-------- Records for this task

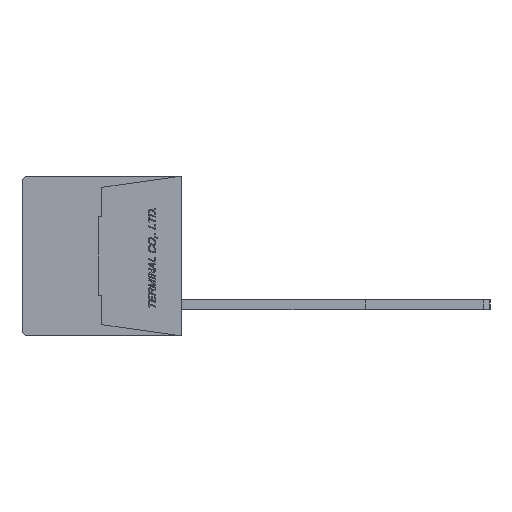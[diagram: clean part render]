
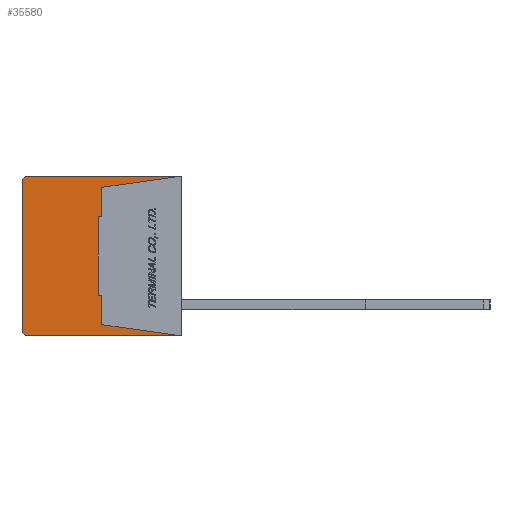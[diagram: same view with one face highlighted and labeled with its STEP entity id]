
A CAD part, left-side view. The second image highlights one B-rep face of the part: STEP entity #35580.
In plain terms, the highlighted planar face has unit normal (-1, 0, 0).
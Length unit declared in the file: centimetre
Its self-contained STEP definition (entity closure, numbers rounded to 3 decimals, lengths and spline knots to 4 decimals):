
#1808=CIRCLE('',#60841,0.05);
#1809=CIRCLE('',#60844,0.05);
#3176=VERTEX_POINT('',#49503);
#3177=VERTEX_POINT('',#49505);
#3178=VERTEX_POINT('',#49509);
#3179=VERTEX_POINT('',#49513);
#3180=VERTEX_POINT('',#49517);
#3181=VERTEX_POINT('',#49521);
#3182=VERTEX_POINT('',#49525);
#3183=VERTEX_POINT('',#49527);
#3184=VERTEX_POINT('',#49529);
#3185=VERTEX_POINT('',#49531);
#3186=VERTEX_POINT('',#49533);
#3187=VERTEX_POINT('',#49535);
#6946=VECTOR('',#41274,1.);
#6950=VECTOR('',#41283,1.);
#6953=VECTOR('',#41291,1.);
#6954=VECTOR('',#41293,1.);
#6955=VECTOR('',#41294,1.);
#6956=VECTOR('',#41295,1.);
#6957=VECTOR('',#41296,1.);
#6958=VECTOR('',#41297,1.);
#6959=VECTOR('',#41298,1.);
#6960=VECTOR('',#41299,1.);
#11126=LINE('',#49504,#6946);
#11130=LINE('',#49514,#6950);
#11133=LINE('',#49522,#6953);
#11134=LINE('',#49524,#6954);
#11135=LINE('',#49526,#6955);
#11136=LINE('',#49528,#6956);
#11137=LINE('',#49530,#6957);
#11138=LINE('',#49532,#6958);
#11139=LINE('',#49534,#6959);
#11140=LINE('',#49536,#6960);
#15790=EDGE_CURVE('',#3177,#3176,#11126,.T.);
#15793=EDGE_CURVE('',#3178,#3176,#1808,.T.);
#15795=EDGE_CURVE('',#3178,#3179,#11130,.T.);
#15797=EDGE_CURVE('',#3180,#3179,#1809,.T.);
#15799=EDGE_CURVE('',#3180,#3181,#11133,.T.);
#15800=EDGE_CURVE('',#3182,#3177,#11134,.T.);
#15801=EDGE_CURVE('',#3181,#3183,#11135,.T.);
#15802=EDGE_CURVE('',#3183,#3184,#11136,.T.);
#15803=EDGE_CURVE('',#3184,#3185,#11137,.T.);
#15804=EDGE_CURVE('',#3185,#3186,#11138,.T.);
#15805=EDGE_CURVE('',#3186,#3187,#11139,.T.);
#15806=EDGE_CURVE('',#3187,#3182,#11140,.T.);
#23043=ORIENTED_EDGE('',*,*,#15800,.T.);
#23044=ORIENTED_EDGE('',*,*,#15790,.T.);
#23045=ORIENTED_EDGE('',*,*,#15793,.F.);
#23046=ORIENTED_EDGE('',*,*,#15795,.T.);
#23047=ORIENTED_EDGE('',*,*,#15797,.F.);
#23048=ORIENTED_EDGE('',*,*,#15799,.T.);
#23049=ORIENTED_EDGE('',*,*,#15801,.T.);
#23050=ORIENTED_EDGE('',*,*,#15802,.T.);
#23051=ORIENTED_EDGE('',*,*,#15803,.T.);
#23052=ORIENTED_EDGE('',*,*,#15804,.T.);
#23053=ORIENTED_EDGE('',*,*,#15805,.T.);
#23054=ORIENTED_EDGE('',*,*,#15806,.T.);
#30976=EDGE_LOOP('',(#23043,#23044,#23045,#23046,#23047,#23048,#23049,#23050,
#23051,#23052,#23053,#23054));
#33336=FACE_BOUND('',#30976,.T.);
#35580=ADVANCED_FACE('',(#33336),#37516,.F.);
#37516=PLANE('',#60846);
#41274=DIRECTION('',(0.,1.,0.));
#41279=DIRECTION('',(1.,0.,0.));
#41280=DIRECTION('',(0.,0.,-0.05));
#41283=DIRECTION('',(0.,0.,-1.));
#41287=DIRECTION('',(1.,0.,0.));
#41288=DIRECTION('',(0.,0.,-0.05));
#41291=DIRECTION('',(0.,-1.,0.));
#41292=DIRECTION('',(1.,0.,0.));
#41293=DIRECTION('',(0.,-0.99,0.139));
#41294=DIRECTION('',(0.,0.99,0.139));
#41295=DIRECTION('',(0.,0.,1.));
#41296=DIRECTION('',(0.,1.,0.));
#41297=DIRECTION('',(0.,0.,1.));
#41298=DIRECTION('',(0.,-1.,0.));
#41299=DIRECTION('',(0.,0.,1.));
#49503=CARTESIAN_POINT('',(-1.,1.23,0.64));
#49504=CARTESIAN_POINT('',(-1.,0.,0.64));
#49505=CARTESIAN_POINT('',(-1.,0.,0.64));
#49509=CARTESIAN_POINT('',(-1.,1.28,0.59));
#49510=CARTESIAN_POINT('',(-1.,1.23,0.59));
#49513=CARTESIAN_POINT('',(-1.,1.28,-0.59));
#49514=CARTESIAN_POINT('',(-1.,1.28,0.59));
#49517=CARTESIAN_POINT('',(-1.,1.23,-0.64));
#49518=CARTESIAN_POINT('',(-1.,1.23,-0.59));
#49521=CARTESIAN_POINT('',(-1.,0.,-0.64));
#49522=CARTESIAN_POINT('',(-1.,1.23,-0.64));
#49523=CARTESIAN_POINT('',(-1.,0.6345,0.));
#49524=CARTESIAN_POINT('',(-1.,0.64,0.55));
#49525=CARTESIAN_POINT('',(-1.,0.64,0.55));
#49526=CARTESIAN_POINT('',(-1.,0.,-0.64));
#49527=CARTESIAN_POINT('',(-1.,0.64,-0.55));
#49528=CARTESIAN_POINT('',(-1.,0.64,-0.55));
#49529=CARTESIAN_POINT('',(-1.,0.64,-0.315));
#49530=CARTESIAN_POINT('',(-1.,0.64,-0.315));
#49531=CARTESIAN_POINT('',(-1.,0.67,-0.315));
#49532=CARTESIAN_POINT('',(-1.,0.67,-0.315));
#49533=CARTESIAN_POINT('',(-1.,0.67,0.315));
#49534=CARTESIAN_POINT('',(-1.,0.67,0.315));
#49535=CARTESIAN_POINT('',(-1.,0.64,0.315));
#49536=CARTESIAN_POINT('',(-1.,0.64,0.315));
#60841=AXIS2_PLACEMENT_3D('',#49510,#41279,#41280);
#60844=AXIS2_PLACEMENT_3D('',#49518,#41287,#41288);
#60846=AXIS2_PLACEMENT_3D('',#49523,#41292,$);
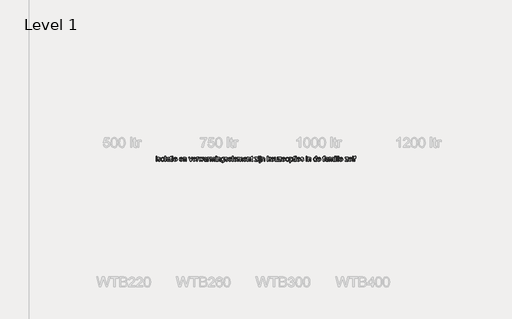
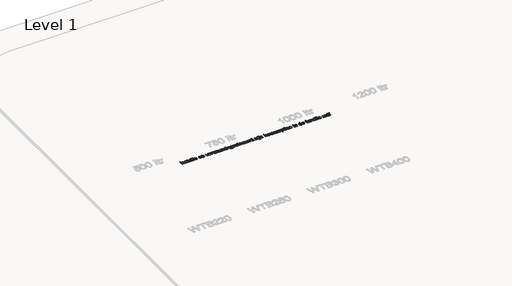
# One storey, part 28 of 34: 1 proxy.
"""IFC4 building model written with IfcOpenShell, lengths in millimetres."""

from ifc_helpers import new_model, si_unit, origin, origin_with_axes, place, context, project, spatial, polyline, outline, extrude, element, save

model = new_model("IFC4")

# Units and contexts
model_context = context("Model", 3, world=origin())
ifc_project = project(units=[si_unit("LENGTHUNIT", "METRE", prefix="MILLI")], contexts=[model_context])

# Site, building, storey
site = spatial("IfcSite", under=ifc_project)
building = spatial("IfcBuilding", under=site)
storey = spatial("IfcBuildingStorey", under=building, Name="Level 1", Elevation=0.0)

# Proxy
placement = place(None, origin())
element("IfcBuildingElementProxy", 1, Name="DN", ObjectType="DN", at=placement, inside=storey, context=model_context, shape_type="SweptSolid", body=[
    extrude(outline(polyline([(-16095.163222, 10942.2806038), (-16095.163222, 10997.6100558), (-16085.7454429, 10997.6100558), (-16085.7454429, 10942.2806038), (-16095.163222, 10942.2806038)])), origin_with_axes(), (0.0, 0.0, 1.0), 5.0),
    extrude(outline(polyline([(-16095.163222, 11008.2050573), (-16095.163222, 11017.6228364), (-16085.7454429, 11017.6228364), (-16085.7454429, 11008.2050573), (-16095.163222, 11008.2050573)])), origin_with_axes(), (0.0, 0.0, 1.0), 5.0),
    extrude(outline(polyline([(-16075.1504415, 10958.7617172), (-16065.7326624, 10959.9389395), (-16061.3732607, 10952.9491816), (-16051.3852646, 10950.5211605), (-16041.7835445, 10952.7468465), (-16038.6565475, 10957.9707709), (-16041.8019386, 10962.2014138), (-16051.4956292, 10964.8869524), (-16065.6774801, 10969.4946744), (-16071.8670946, 10974.8749485), (-16073.9732191, 10982.4717117), (-16072.2809619, 10989.4890608), (-16067.6640428, 10994.8509409), (-16061.6767634, 10997.637647), (-16053.5741624, 10998.7872782), (-16042.1146383, 10996.9386712), (-16034.8305748, 10991.9354761), (-16031.5932132, 10983.4833872), (-16041.0109923, 10982.3061648), (-16044.5518565, 10987.502498), (-16052.8383984, 10989.3694992), (-16061.8515073, 10987.5852715), (-16064.55544, 10983.4282049), (-16063.4333999, 10980.6874841), (-16059.9201269, 10978.6089508), (-16051.8083289, 10976.6039939), (-16037.9851629, 10972.1710159), (-16031.5656221, 10967.1494266), (-16029.2387685, 10958.9640523), (-16031.9702923, 10949.9509434), (-16039.852164, 10943.4118409), (-16051.5140233, 10941.1033814), (-16067.9399543, 10945.5547535), (-16075.1504415, 10958.7617172)])), origin_with_axes(), (0.0, 0.0, 1.0), 5.0),
    extrude(outline(polyline([(-16020.9982118, 10969.9453298), (-16018.9610652, 10983.2856507), (-16012.8496256, 10992.662043), (-16005.2988476, 10997.2559694), (-15996.2581476, 10998.7872782), (-15986.3644212, 10996.9225764), (-15978.4618561, 10991.3284708), (-15973.2816177, 10982.4464199), (-15971.5548716, 10970.717882), (-15974.6082922, 10953.9608571), (-15983.5018394, 10944.4786987), (-15996.2581476, 10941.1033814), (-16006.2714356, 10942.9611855), (-16014.1648037, 10948.5345977), (-16019.2898597, 10957.6028889), (-16020.9982118, 10969.9453298)]), holes=[polyline([(-16011.5804327, 10969.9637239), (-16007.221031, 10955.3680058), (-15996.2581476, 10950.5211605), (-15985.3320523, 10955.3955969), (-15980.9726507, 10970.2580295), (-15985.3596435, 10984.5226539), (-15996.2581476, 10989.3694992), (-16007.221031, 10984.541048), (-16011.5804327, 10969.9637239)])]), origin_with_axes(), (0.0, 0.0, 1.0), 5.0),
    extrude(outline(polyline([(-15960.9598701, 10942.2806038), (-15960.9598701, 11017.6228364), (-15951.5420911, 11017.6228364), (-15951.5420911, 10942.2806038), (-15960.9598701, 10942.2806038)])), origin_with_axes(), (0.0, 0.0, 1.0), 5.0),
    extrude(outline(polyline([(-15902.0987509, 10949.3439381), (-15911.2314215, 10942.9611855), (-15921.3205852, 10941.1033814), (-15934.9965983, 10945.5731476), (-15939.7698672, 10956.9958836), (-15937.9672454, 10964.445494), (-15933.2307648, 10969.8533593), (-15926.63648, 10972.9435681), (-15918.4878938, 10974.3599138), (-15902.1539332, 10977.5972753), (-15902.0987509, 10979.6942027), (-15904.692319, 10986.6471724), (-15915.1033794, 10989.3694992), (-15924.6315231, 10987.5576803), (-15929.1748658, 10981.1289425), (-15938.5926448, 10982.3061648), (-15934.5183517, 10991.5032147), (-15926.3145833, 10996.892686), (-15913.8893689, 10998.7872782), (-15902.47583, 10997.1134152), (-15896.028698, 10992.9103634), (-15893.1408243, 10986.5184137), (-15892.6809718, 10978.277857), (-15892.6809718, 10966.5608155), (-15892.2027252, 10950.1992637), (-15890.3265271, 10942.2806038), (-15899.7443062, 10942.2806038), (-15902.0987509, 10949.3439381)]), holes=[polyline([(-15902.0987509, 10968.1794962), (-15917.2922773, 10965.2916226), (-15925.3948783, 10963.7649123), (-15929.0645012, 10961.2817088), (-15930.3520881, 10957.6580712), (-15927.5469879, 10952.5629055), (-15919.3156283, 10950.5211605), (-15909.7874846, 10952.7744377), (-15903.6438553, 10958.2282883), (-15902.1539332, 10965.5123518), (-15902.0987509, 10968.1794962)])]), origin_with_axes(), (0.0, 0.0, 1.0), 5.0),
    extrude(outline(polyline([(-15859.7187451, 10950.1348844), (-15858.5415227, 10942.0046923), (-15865.5864629, 10941.1033814), (-15873.4775317, 10942.6668799), (-15877.413869, 10946.7687641), (-15878.5543032, 10957.4557361), (-15878.5543032, 10988.1922768), (-15885.6176375, 10988.1922768), (-15885.6176375, 10997.6100558), (-15878.5543032, 10997.6100558), (-15878.5543032, 11011.0561428), (-15869.1365242, 11016.5927668), (-15869.1365242, 10997.6100558), (-15859.7187451, 10997.6100558), (-15859.7187451, 10988.1922768), (-15869.1365242, 10988.1922768), (-15869.1365242, 10957.7316476), (-15868.6398835, 10952.8756052), (-15867.0303997, 10951.1557569), (-15863.8206293, 10950.5211605), (-15859.7187451, 10950.1348844)])), origin_with_axes(), (0.0, 0.0, 1.0), 5.0),
    extrude(outline(polyline([(-15850.300966, 10942.2806038), (-15850.300966, 10997.6100558), (-15840.8831869, 10997.6100558), (-15840.8831869, 10942.2806038), (-15850.300966, 10942.2806038)])), origin_with_axes(), (0.0, 0.0, 1.0), 5.0),
    extrude(outline(polyline([(-15850.300966, 11008.2050573), (-15850.300966, 11017.6228364), (-15840.8831869, 11017.6228364), (-15840.8831869, 11008.2050573), (-15850.300966, 11008.2050573)])), origin_with_axes(), (0.0, 0.0, 1.0), 5.0),
    extrude(outline(polyline([(-15788.0185442, 10958.7617172), (-15778.7847061, 10957.5844948), (-15787.420736, 10945.4259948), (-15803.5063762, 10941.1033814), (-15814.5566316, 10942.9680833), (-15823.0593043, 10948.5621888), (-15828.4809652, 10957.5224147), (-15830.2881855, 10969.4854773), (-15828.4625711, 10981.8509109), (-15822.9857279, 10991.0985445), (-15814.5980184, 10996.8650948), (-15804.0398051, 10998.7872782), (-15793.8103864, 10996.8696933), (-15785.6365083, 10991.1169386), (-15780.2769275, 10981.8876991), (-15778.4904005, 10969.5406596), (-15778.5455828, 10967.0022739), (-15820.8704064, 10967.0022739), (-15815.453344, 10954.7701975), (-15803.3224352, 10950.5211605), (-15794.0885971, 10952.4893291), (-15788.0185442, 10958.7617172)]), holes=[polyline([(-15820.8704064, 10976.4200529), (-15787.9081796, 10976.4200529), (-15791.6789701, 10984.9549152), (-15804.0765933, 10989.3694992), (-15815.6740732, 10985.8470291), (-15820.8704064, 10976.4200529)])]), origin_with_axes(), (0.0, 0.0, 1.0), 5.0),
    extrude(outline(polyline([(-15700.9040878, 10958.7617172), (-15691.6702497, 10957.5844948), (-15700.3062795, 10945.4259948), (-15716.3919198, 10941.1033814), (-15727.4421752, 10942.9680833), (-15735.9448478, 10948.5621888), (-15741.3665087, 10957.5224147), (-15743.173729, 10969.4854773), (-15741.3481146, 10981.8509109), (-15735.8712714, 10991.0985445), (-15727.4835619, 10996.8650948), (-15716.9253486, 10998.7872782), (-15706.6959299, 10996.8696933), (-15698.5220518, 10991.1169386), (-15693.162471, 10981.8876991), (-15691.3759441, 10969.5406596), (-15691.4311264, 10967.0022739), (-15733.7559499, 10967.0022739), (-15728.3388875, 10954.7701975), (-15716.2079788, 10950.5211605), (-15706.9741407, 10952.4893291), (-15700.9040878, 10958.7617172)]), holes=[polyline([(-15733.7559499, 10976.4200529), (-15700.7937232, 10976.4200529), (-15704.5645136, 10984.9549152), (-15716.9621368, 10989.3694992), (-15728.5596167, 10985.8470291), (-15733.7559499, 10976.4200529)])]), origin_with_axes(), (0.0, 0.0, 1.0), 5.0),
    extrude(outline(polyline([(-15681.958165, 10942.2806038), (-15681.958165, 10997.6100558), (-15672.5403859, 10997.6100558), (-15672.5403859, 10989.884534), (-15665.3390959, 10996.5615922), (-15655.5074496, 10998.7872782), (-15646.6139023, 10996.9938535), (-15640.5438494, 10992.284964), (-15637.7203551, 10985.3595854), (-15637.2237144, 10976.254506), (-15637.2237144, 10942.2806038), (-15646.6414935, 10942.2806038), (-15646.6414935, 10974.9853131), (-15647.7267454, 10983.3178403), (-15651.5619152, 10987.7232272), (-15658.0274412, 10989.3694992), (-15668.2453636, 10985.6722851), (-15672.5403859, 10971.637587), (-15672.5403859, 10942.2806038), (-15681.958165, 10942.2806038)])), origin_with_axes(), (0.0, 0.0, 1.0), 5.0),
    extrude(outline(polyline([(-15581.2688629, 10942.2806038), (-15600.7298205, 10997.6100558), (-15590.7602184, 10997.6100558), (-15578.9696005, 10964.4638881), (-15575.4195392, 10953.3170636), (-15571.9430543, 10963.8384887), (-15560.07886, 10997.6100558), (-15550.1092579, 10997.6100558), (-15569.3310922, 10942.2806038), (-15581.2688629, 10942.2806038)])), origin_with_axes(), (0.0, 0.0, 1.0), 5.0),
    extrude(outline(polyline([(-15503.1307272, 10958.7617172), (-15493.8968891, 10957.5844948), (-15502.5329189, 10945.4259948), (-15518.6185591, 10941.1033814), (-15529.6688146, 10942.9680833), (-15538.1714872, 10948.5621888), (-15543.5931481, 10957.5224147), (-15545.4003684, 10969.4854773), (-15543.574754, 10981.8509109), (-15538.0979108, 10991.0985445), (-15529.7102013, 10996.8650948), (-15519.151988, 10998.7872782), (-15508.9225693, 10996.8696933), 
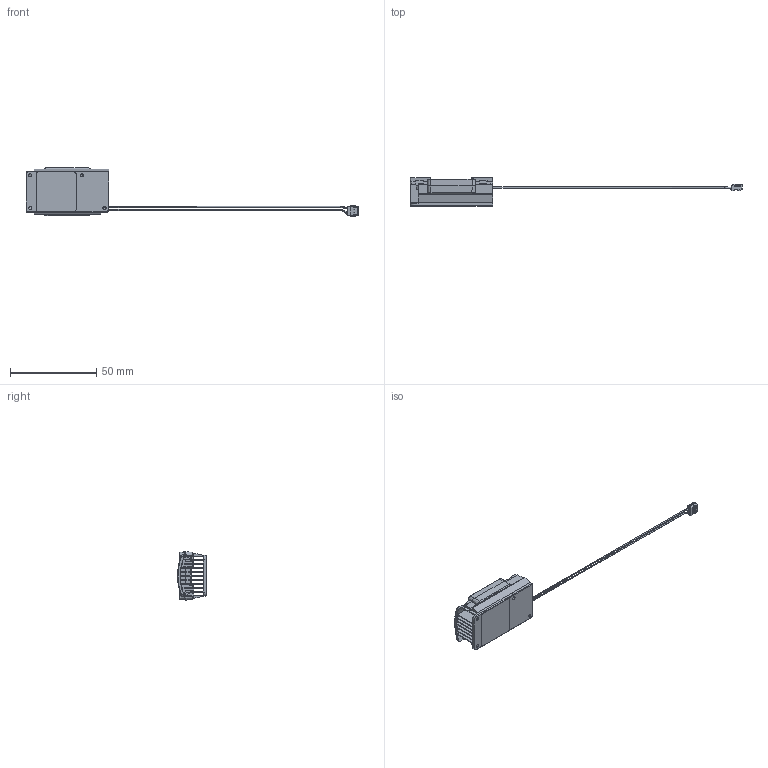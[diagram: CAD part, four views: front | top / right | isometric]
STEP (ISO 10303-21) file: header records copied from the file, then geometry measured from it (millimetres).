
FILE_DESCRIPTION((''),'2;1');
FILE_NAME('MIG_CONCEPT-DEV-KIT_FANSINK_V4_ASM','2017-02-22T',('smceuen'),('INTEL'),'CREO PARAMETRIC BY PTC INC, 2015380','CREO PARAMETRIC BY PTC INC, 2015380','');
FILE_SCHEMA(('CONFIG_CONTROL_DESIGN'));
Length unit declared in the file: millimetre
Products named in the file (5): MIG_CONCEPT-DEV-KIT_FAN-SHRD_V4; FAN_SUNON_MC25060V1-0000-A99; GT_EXAMPLE_TIM; J50575; MIG_CONCEPT-DEV-KIT_FANSINK_V4_ASM
Assembly tree (4 placements, depth 2):
  MIG_CONCEPT-DEV-KIT_FANSINK_V4_ASM
    MIG_CONCEPT-DEV-KIT_FAN-SHRD_V4
    FAN_SUNON_MC25060V1-0000-A99
    GT_EXAMPLE_TIM
    J50575
Bounding box: 192.5 x 16.75 x 28.01 mm (x, y, z)
Volume: 7903.2 mm3; surface area: 17708.3 mm2
Topology: 5 solids, 5 shells, 1018 faces, 2950 edges, 1899 vertices
Faces by surface type: plane 566, cylinder 273, bspline 139, torus 28, extrusion 6, cone 6
Entity records: 44371 total; most frequent: CARTESIAN_POINT 18619, ORIENTED_EDGE 5894, DIRECTION 4655, EDGE_CURVE 2947, VERTEX_POINT 1899, VECTOR 1789, LINE 1783, AXIS2_PLACEMENT_3D 1433

----------------

> [Task instructions]:
Look through the data and show every line containing "surface".

> [Result of the task]:
Volume: 7903.2 mm3; surface area: 17708.3 mm2
Faces by surface type: plane 566, cylinder 273, bspline 139, torus 28, extrusion 6, cone 6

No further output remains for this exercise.